### Task brief:
Without the images, set down each entry exactly.

Data extracts START

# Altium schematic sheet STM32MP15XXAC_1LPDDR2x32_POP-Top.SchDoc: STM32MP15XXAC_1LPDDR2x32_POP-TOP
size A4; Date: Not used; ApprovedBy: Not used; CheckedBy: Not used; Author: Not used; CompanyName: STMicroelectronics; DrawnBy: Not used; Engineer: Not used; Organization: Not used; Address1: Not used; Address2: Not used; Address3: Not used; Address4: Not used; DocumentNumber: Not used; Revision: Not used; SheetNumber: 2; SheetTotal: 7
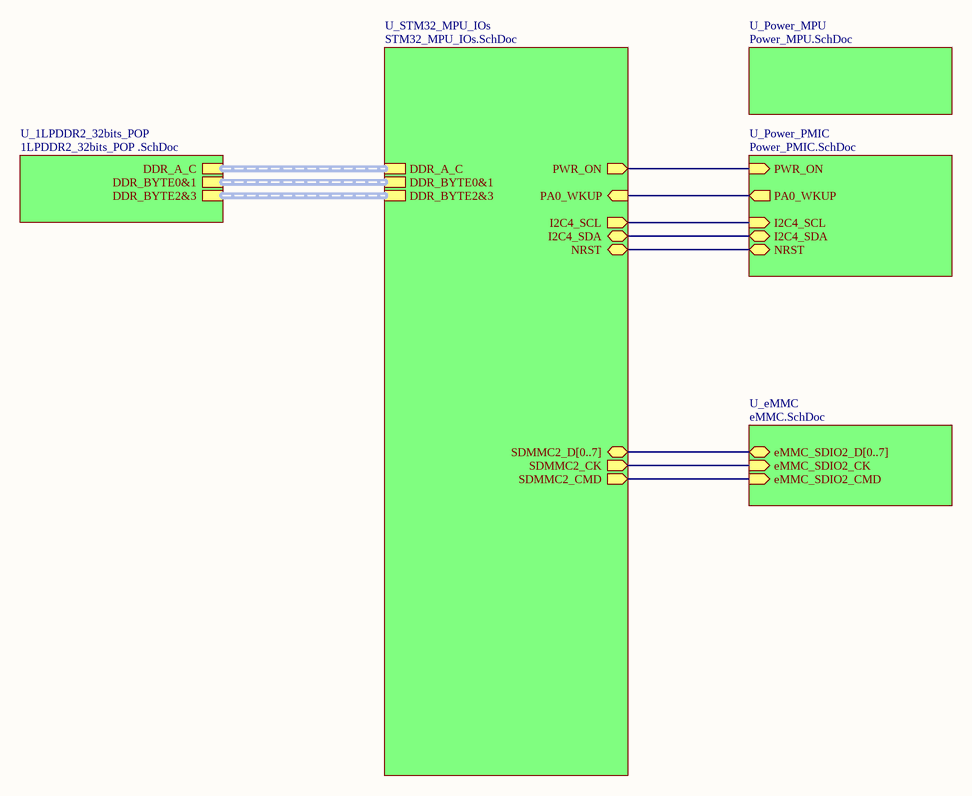
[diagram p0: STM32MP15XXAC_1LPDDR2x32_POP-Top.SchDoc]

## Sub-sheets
U_1LPDDR2_32bits_POP  = 1LPDDR2_32bits_POP .SchDoc: DDR_BYTE0&1 (harness DDR_BYTE_0&1), DDR_BYTE2&3 (harness DDR_BYTE_2&3), DDR_A_C (harness DDR_A_C)
U_eMMC = eMMC.SchDoc: eMMC_SDIO2_CK (in), eMMC_SDIO2_D[0..7] (bidir), eMMC_SDIO2_CMD (in)
U_Power_MPU = Power_MPU.SchDoc: no entries
U_Power_PMIC = Power_PMIC.SchDoc: I2C4_SDA (bidir), I2C4_SCL (in), PA0_WKUP (out), NRST (bidir), PWR_ON (in)
U_STM32_MPU_IOs = STM32_MPU_IOs.SchDoc: PA0_WKUP (in), NRST (bidir), PWR_ON (out), I2C4_SCL (out), I2C4_SDA (bidir), DDR_BYTE0&1 (harness DDR_BYTE_0&1), DDR_A_C (harness DDR_A_C), SDMMC2_D[0..7] (bidir), SDMMC2_CMD (out), SDMMC2_CK (out), DDR_BYTE2&3 (harness DDR_BYTE_2&3)

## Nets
(unnamed): sheet U_Power_PMIC/I2C4_SDA, sheet U_STM32_MPU_IOs/I2C4_SDA
(unnamed): sheet U_Power_PMIC/I2C4_SCL, sheet U_STM32_MPU_IOs/I2C4_SCL  [a separate net that carries the same name]
(unnamed): sheet U_Power_PMIC/PA0_WKUP, sheet U_STM32_MPU_IOs/PA0_WKUP  [a separate net that carries the same name]
(unnamed): sheet U_Power_PMIC/NRST, sheet U_STM32_MPU_IOs/NRST  [a separate net that carries the same name]
(unnamed): sheet U_Power_PMIC/PWR_ON, sheet U_STM32_MPU_IOs/PWR_ON  [a separate net that carries the same name]
(unnamed): sheet U_eMMC/eMMC_SDIO2_CK, sheet U_STM32_MPU_IOs/SDMMC2_CK  [a separate net that carries the same name]
(unnamed): sheet U_eMMC/eMMC_SDIO2_CMD, sheet U_STM32_MPU_IOs/SDMMC2_CMD  [a separate net that carries the same name]

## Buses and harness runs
bus sheet U_eMMC/eMMC_SDIO2_D[0..7] = sheet U_STM32_MPU_IOs/SDMMC2_D[0..7]
harness sheet U_1LPDDR2_32bits_POP /DDR_A_C = sheet U_STM32_MPU_IOs/DDR_A_C
harness sheet U_1LPDDR2_32bits_POP /DDR_BYTE0&1 = sheet U_STM32_MPU_IOs/DDR_BYTE0&1
harness sheet U_1LPDDR2_32bits_POP /DDR_BYTE2&3 = sheet U_STM32_MPU_IOs/DDR_BYTE2&3
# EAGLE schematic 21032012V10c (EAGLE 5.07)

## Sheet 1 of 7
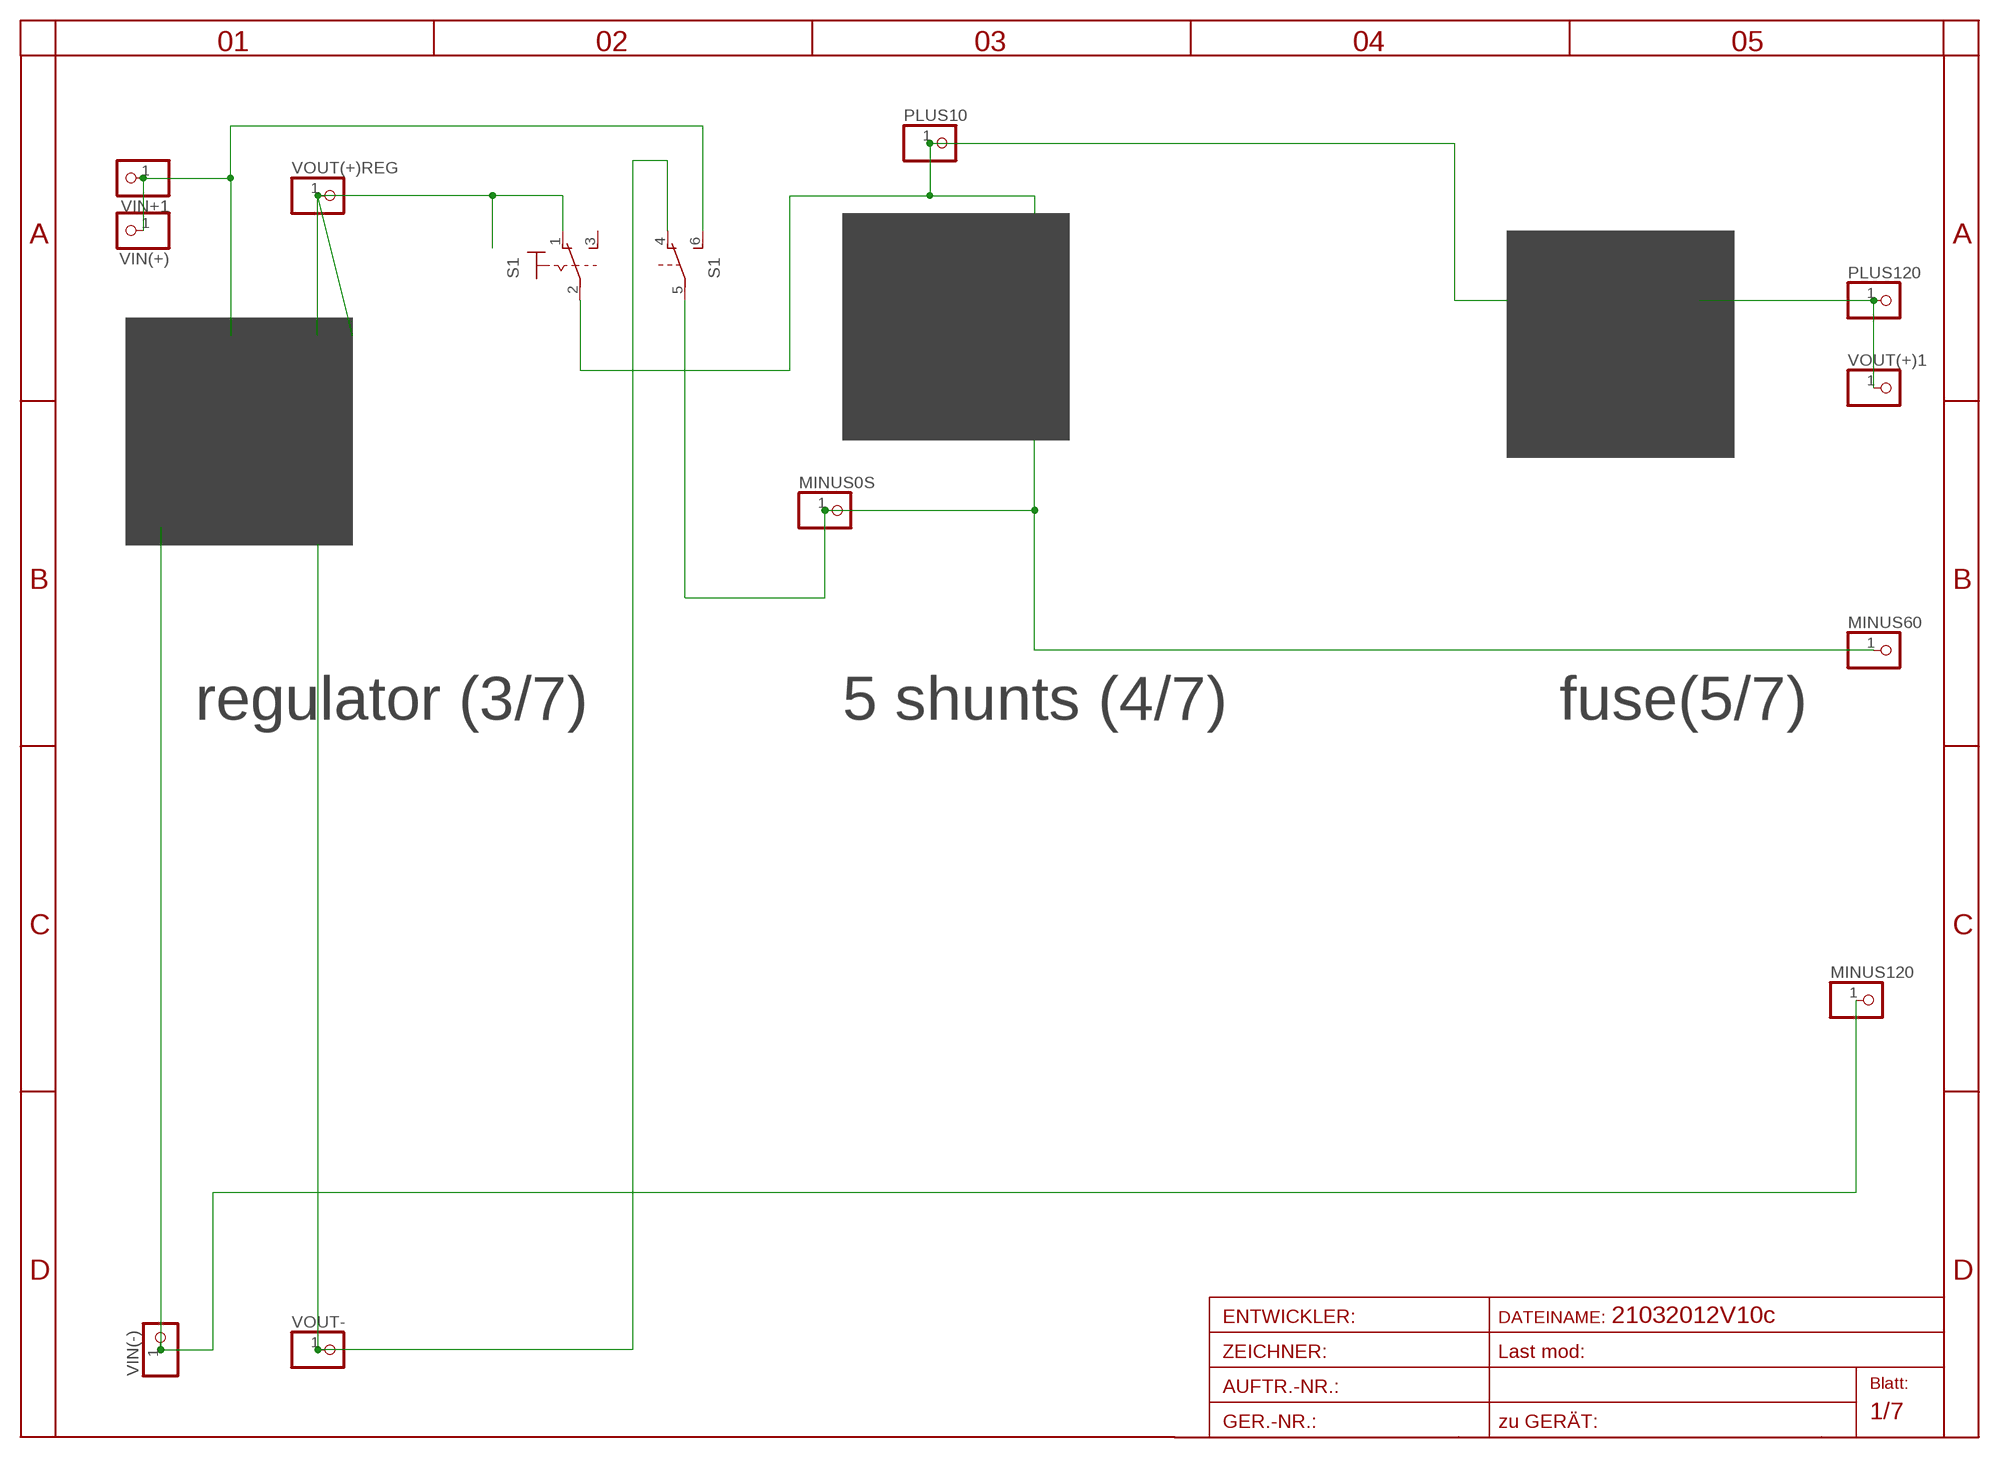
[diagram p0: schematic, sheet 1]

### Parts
MINUS0S  PINHD-1X14.5MM  [1X4MM5]
MINUS60  PINHD-1X14.5MM  [1X4MM5]
MINUS120  PINHD-1X14.5MM  [1X4MM5]
PLUS10  PINHD-1X14.5MM  [1X4MM5]
PLUS120  PINHD-1X14.5MM  [1X4MM5]
S1  320-938320NEW  [320NEW]
VIN(+)  PINHD-1X11MM6  [1X1MM8]
VIN(-)  PINHD-1X1  [1X01]
VIN+1  PINHD-1X1  [1X01]
VOUT(+)1  PINHD-1X11X0.4  [1X01]
VOUT(+)REG  PINHD-1X11X0.4  [1X01]
VOUT-  PINHD-1X11X0.4  [1X01]

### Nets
BATT-: MINUS0S.1 MINUS60.1 S1.5(B:P) ; also sheet 4,5,6,7
IN-: MINUS120.1 VIN(-).1 ; also sheet 3
PLUS11: PLUS10.1 S1.2(1:P) ; also sheet 4,5,6,7
V+OUT: PLUS120.1 VOUT(+)1.1 ; also sheet 5
V-: S1.4(B:O) VOUT-.1 ; also sheet 3
VIN+: S1.6(B:S) VIN(+).1 VIN+1.1 ; also sheet 3
VOUT+REG: S1.1(1:O) VOUT(+)REG.1 ; also sheet 3
Unconnected: S1.3(1:S)

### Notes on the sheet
- regulator (3/7) | 5 shunts (4/7) | fuse(5/7)

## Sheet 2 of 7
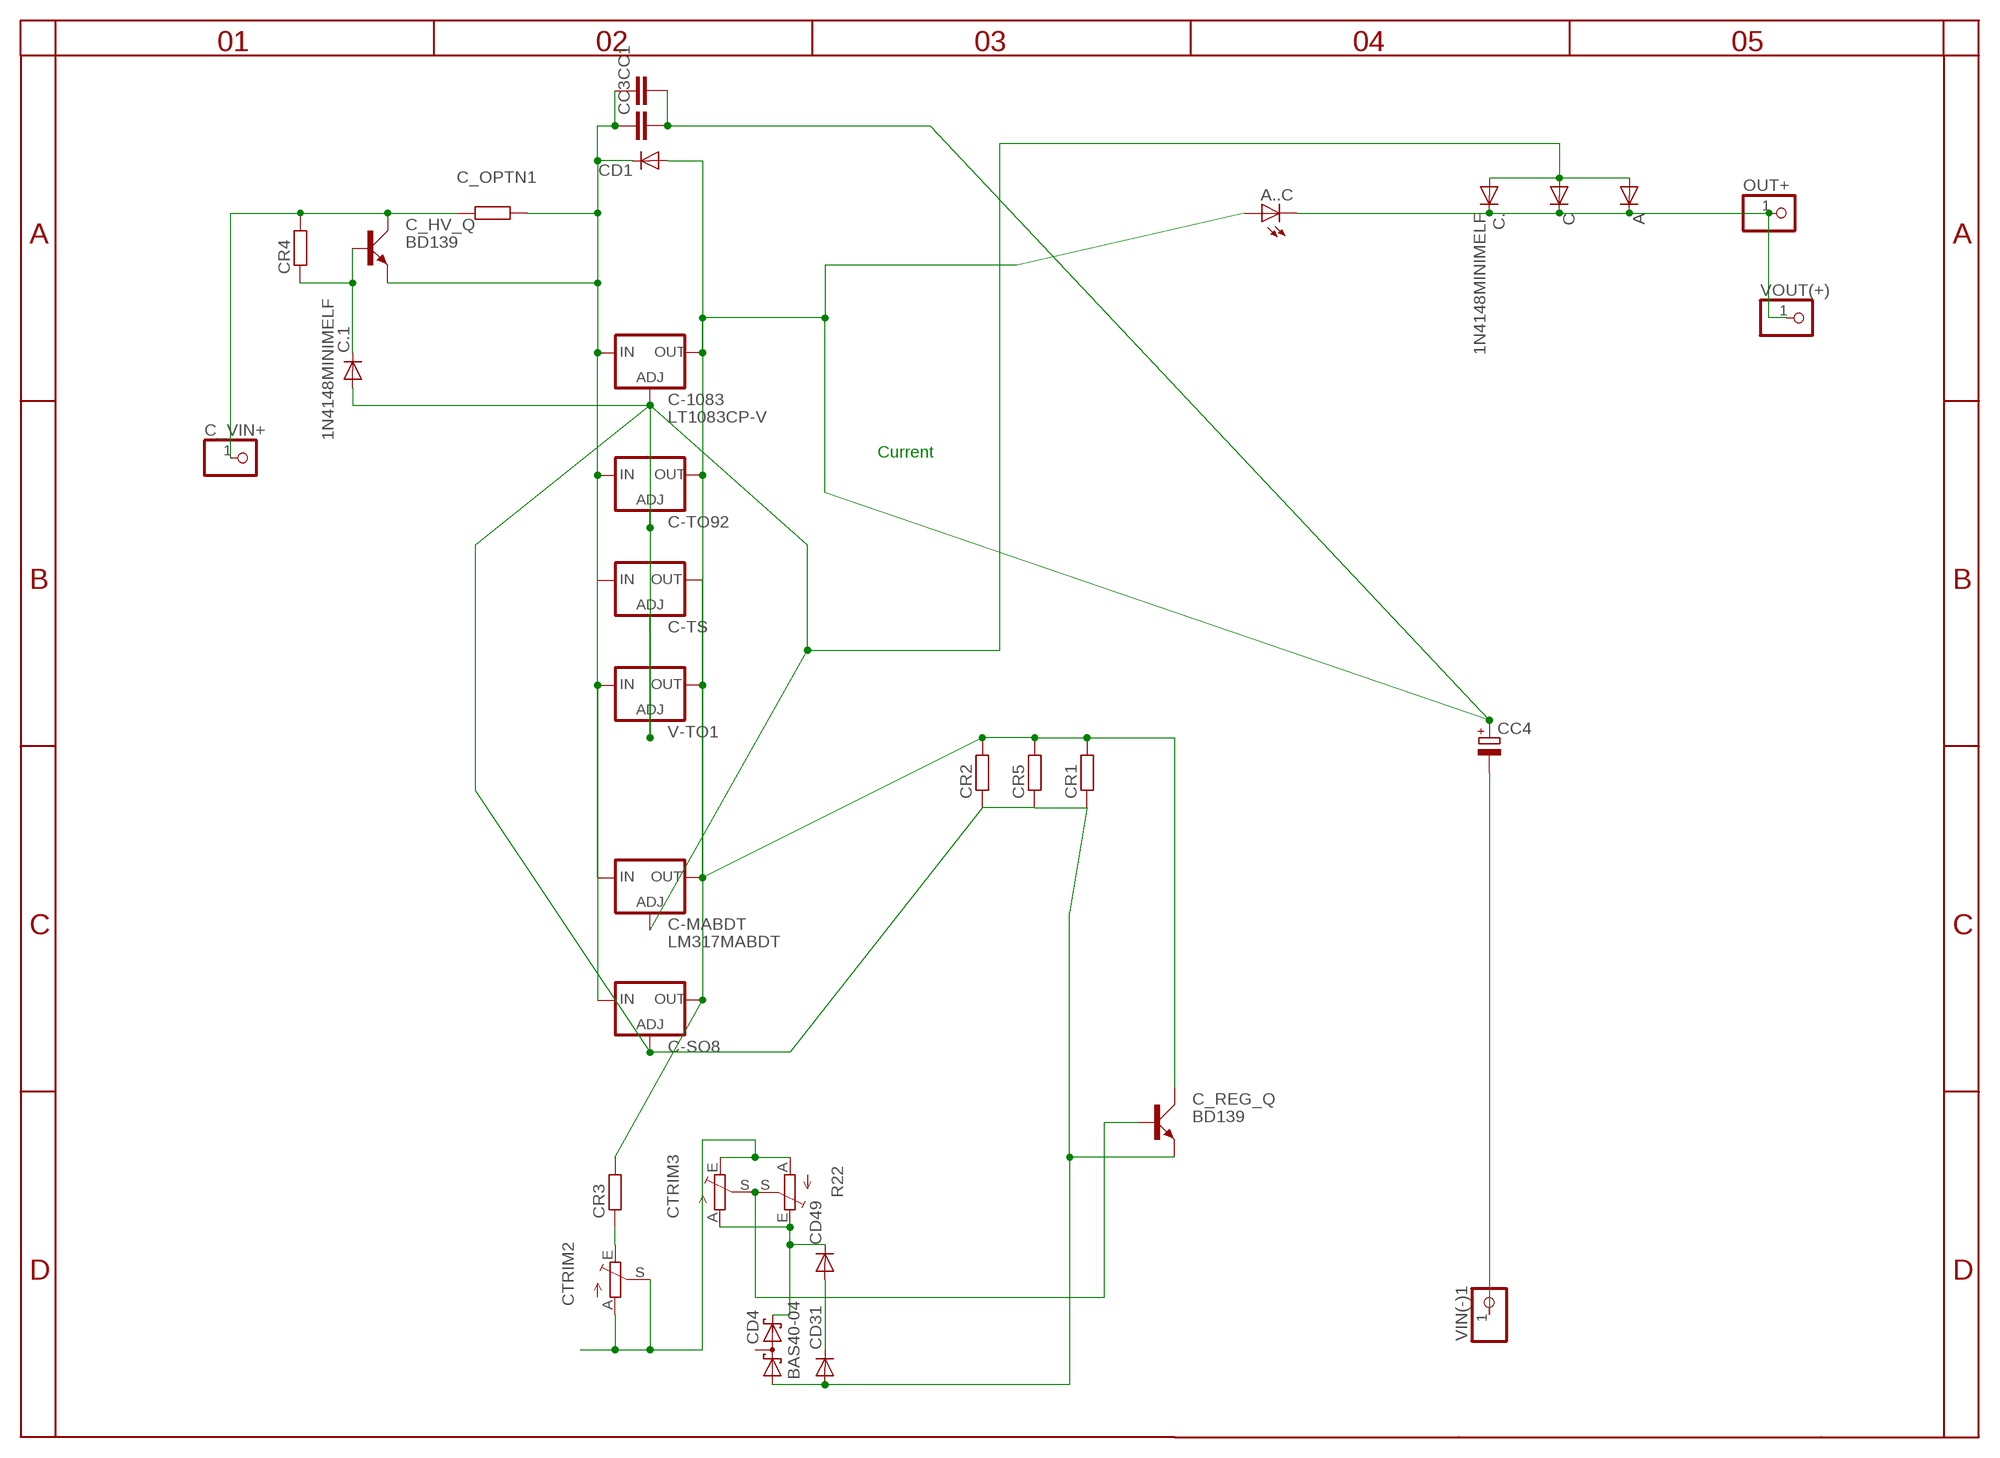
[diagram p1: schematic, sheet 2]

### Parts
A  DIODE-TO220V  [TO220ACS]
A..C  LED3MM  [LED3MM]
C  DIODE-SMB  [SMB]
C-1083  LT1083CP-V  [TO247S]
C-MABDT  LM317MABDT  [DPACK]
C-SO8  LM317LM-OUTPIN7  [SO08]
C-TO92  LM317LZS  [TO92S]
C-TS  LM317TS  [317TS]
C.  1N4148MINIMELF  [MINIMELF]
C.1  1N4148MINIMELF  [MINIMELF]
C_HV_Q  BD139  [TO126AV]
C_OPTN1  R-EU_R0805  [R0805]
C_REG_Q  BD139  [TO126AV]
C_VIN+  PINHD-1X11MM6  [1X1MM8]
CC1  C-EUC1206  [C1206]
CC3  C-EU050-025X075  [C050-025X075]
CC4  CPOL-EUE5-6  [E5-6]
CD1  DIODE-MINIMELF  [MINIMELF]
CD4  BAS40-04  [SOT23]
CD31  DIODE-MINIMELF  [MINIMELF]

Data extracts END

### Answer section:
# Altium schematic sheet STM32MP15XXAC_1LPDDR2x32_POP-Top.SchDoc: STM32MP15XXAC_1LPDDR2x32_POP-TOP
size A4; Date: Not used; ApprovedBy: Not used; CheckedBy: Not used; Author: Not used; CompanyName: STMicroelectronics; DrawnBy: Not used; Engineer: Not used; Organization: Not used; Address1: Not used; Address2: Not used; Address3: Not used; Address4: Not used; DocumentNumber: Not used; Revision: Not used; SheetNumber: 2; SheetTotal: 7
[diagram p0: STM32MP15XXAC_1LPDDR2x32_POP-Top.SchDoc]

## Sub-sheets
U_1LPDDR2_32bits_POP  = 1LPDDR2_32bits_POP .SchDoc: DDR_BYTE0&1 (harness DDR_BYTE_0&1), DDR_BYTE2&3 (harness DDR_BYTE_2&3), DDR_A_C (harness DDR_A_C)
U_eMMC = eMMC.SchDoc: eMMC_SDIO2_CK (in), eMMC_SDIO2_D[0..7] (bidir), eMMC_SDIO2_CMD (in)
U_Power_MPU = Power_MPU.SchDoc: no entries
U_Power_PMIC = Power_PMIC.SchDoc: I2C4_SDA (bidir), I2C4_SCL (in), PA0_WKUP (out), NRST (bidir), PWR_ON (in)
U_STM32_MPU_IOs = STM32_MPU_IOs.SchDoc: PA0_WKUP (in), NRST (bidir), PWR_ON (out), I2C4_SCL (out), I2C4_SDA (bidir), DDR_BYTE0&1 (harness DDR_BYTE_0&1), DDR_A_C (harness DDR_A_C), SDMMC2_D[0..7] (bidir), SDMMC2_CMD (out), SDMMC2_CK (out), DDR_BYTE2&3 (harness DDR_BYTE_2&3)

## Nets
(unnamed): sheet U_Power_PMIC/I2C4_SDA, sheet U_STM32_MPU_IOs/I2C4_SDA
(unnamed): sheet U_Power_PMIC/I2C4_SCL, sheet U_STM32_MPU_IOs/I2C4_SCL  [a separate net that carries the same name]
(unnamed): sheet U_Power_PMIC/PA0_WKUP, sheet U_STM32_MPU_IOs/PA0_WKUP  [a separate net that carries the same name]
(unnamed): sheet U_Power_PMIC/NRST, sheet U_STM32_MPU_IOs/NRST  [a separate net that carries the same name]
(unnamed): sheet U_Power_PMIC/PWR_ON, sheet U_STM32_MPU_IOs/PWR_ON  [a separate net that carries the same name]
(unnamed): sheet U_eMMC/eMMC_SDIO2_CK, sheet U_STM32_MPU_IOs/SDMMC2_CK  [a separate net that carries the same name]
(unnamed): sheet U_eMMC/eMMC_SDIO2_CMD, sheet U_STM32_MPU_IOs/SDMMC2_CMD  [a separate net that carries the same name]

## Buses and harness runs
bus sheet U_eMMC/eMMC_SDIO2_D[0..7] = sheet U_STM32_MPU_IOs/SDMMC2_D[0..7]
harness sheet U_1LPDDR2_32bits_POP /DDR_A_C = sheet U_STM32_MPU_IOs/DDR_A_C
harness sheet U_1LPDDR2_32bits_POP /DDR_BYTE0&1 = sheet U_STM32_MPU_IOs/DDR_BYTE0&1
harness sheet U_1LPDDR2_32bits_POP /DDR_BYTE2&3 = sheet U_STM32_MPU_IOs/DDR_BYTE2&3
# EAGLE schematic 21032012V10c (EAGLE 5.07)

## Sheet 1 of 7
[diagram p0: schematic, sheet 1]

### Parts
MINUS0S  PINHD-1X14.5MM  [1X4MM5]
MINUS60  PINHD-1X14.5MM  [1X4MM5]
MINUS120  PINHD-1X14.5MM  [1X4MM5]
PLUS10  PINHD-1X14.5MM  [1X4MM5]
PLUS120  PINHD-1X14.5MM  [1X4MM5]
S1  320-938320NEW  [320NEW]
VIN(+)  PINHD-1X11MM6  [1X1MM8]
VIN(-)  PINHD-1X1  [1X01]
VIN+1  PINHD-1X1  [1X01]
VOUT(+)1  PINHD-1X11X0.4  [1X01]
VOUT(+)REG  PINHD-1X11X0.4  [1X01]
VOUT-  PINHD-1X11X0.4  [1X01]

### Nets
BATT-: MINUS0S.1 MINUS60.1 S1.5(B:P) ; also sheet 4,5,6,7
IN-: MINUS120.1 VIN(-).1 ; also sheet 3
PLUS11: PLUS10.1 S1.2(1:P) ; also sheet 4,5,6,7
V+OUT: PLUS120.1 VOUT(+)1.1 ; also sheet 5
V-: S1.4(B:O) VOUT-.1 ; also sheet 3
VIN+: S1.6(B:S) VIN(+).1 VIN+1.1 ; also sheet 3
VOUT+REG: S1.1(1:O) VOUT(+)REG.1 ; also sheet 3
Unconnected: S1.3(1:S)

### Notes on the sheet
- regulator (3/7) | 5 shunts (4/7) | fuse(5/7)

## Sheet 2 of 7
[diagram p1: schematic, sheet 2]

### Parts
A  DIODE-TO220V  [TO220ACS]
A..C  LED3MM  [LED3MM]
C  DIODE-SMB  [SMB]
C-1083  LT1083CP-V  [TO247S]
C-MABDT  LM317MABDT  [DPACK]
C-SO8  LM317LM-OUTPIN7  [SO08]
C-TO92  LM317LZS  [TO92S]
C-TS  LM317TS  [317TS]
C.  1N4148MINIMELF  [MINIMELF]
C.1  1N4148MINIMELF  [MINIMELF]
C_HV_Q  BD139  [TO126AV]
C_OPTN1  R-EU_R0805  [R0805]
C_REG_Q  BD139  [TO126AV]
C_VIN+  PINHD-1X11MM6  [1X1MM8]
CC1  C-EUC1206  [C1206]
CC3  C-EU050-025X075  [C050-025X075]
CC4  CPOL-EUE5-6  [E5-6]
CD1  DIODE-MINIMELF  [MINIMELF]
CD4  BAS40-04  [SOT23]
CD31  DIODE-MINIMELF  [MINIMELF]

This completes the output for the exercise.